ALL Queensland coal producers expect to cut costs and reduce employment at their mines in response to the increase in coal royalties announced in the recent state budget, according to a survey of Queensland's coal company chief executives.

Lou Caruana
Qld coal producers to slash jobs further: survey

The survey by the Queensland Resources Council shows that cost-cutting measures would also include reducing contractor numbers, cutting rail and port costs and cuts to exploration expenditure.

QRC chief executive officer Michael Roche said the increased royalties came at a time when the industry was already under stress from the high Australian dollar, rising labour and materials costs and falling commodity prices.

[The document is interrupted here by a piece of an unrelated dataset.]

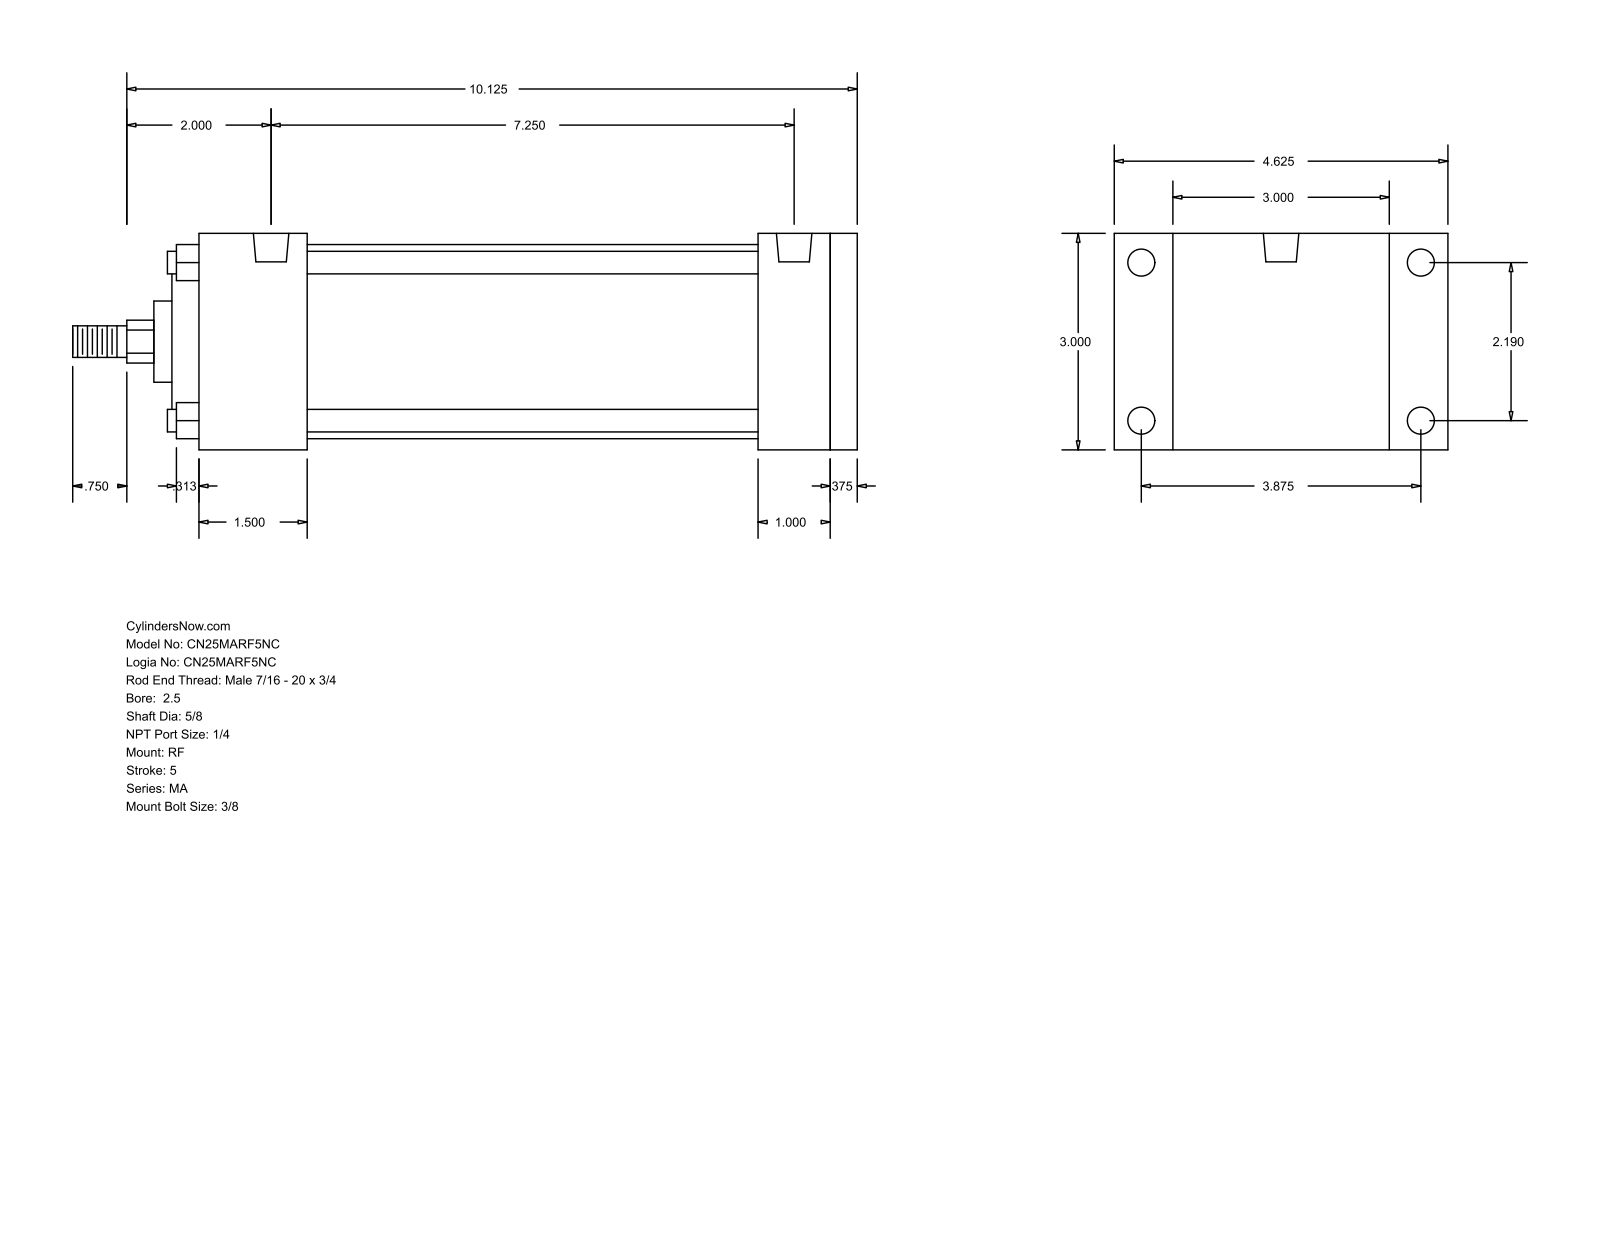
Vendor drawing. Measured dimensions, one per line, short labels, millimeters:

“Our CEOs were unequivocal in saying in their survey responses that the royalty increase would considerably influence the economics of proposed new coal projects,” he said.

“The combination of 30 per cent company income tax and the new royalty rates will mean Queensland will carry an effective taxation rate of 50 per cent on a typical coking coal operation.

“This gives us the dubious honour of being the highest taxing coal jurisdiction globally.

“This effective royalty rate will increase each year if the coal royalty thresholds are not indexed.

“In the absence of coal royalty thresholds being indexed, the resultant bracket creep will mean that the government's promise not to increase royalties again for 10 years cannot be delivered.”

Roche said he hoped the Queensland government would give serious and prompt consideration to QRC's submission calling for indexation of coal royalty thresholds.

“While the current difficulties for the industry are part of the normal cycle, albeit exacerbated by a stubbornly high Australian dollar, issues such as increasing royalties and threats of further federal taxation increases do nothing to encourage continued investment in Australia's resources sector,” he said.

“Our industry is already placed very high on the global cost curve.”

Roche said his members had welcomed the establishment by the government of the Resources Cabinet Committee, under the chairmanship of Deputy Premier Jeff Seeney, with a view to addressing the former Labor government's regulatory burden legacy besetting the Queensland resources sector.

“Early indications are that the government is genuine in its determination to deliver tangible cost-reducing and productivity-boosting reforms through the new cabinet committee,” Roche said.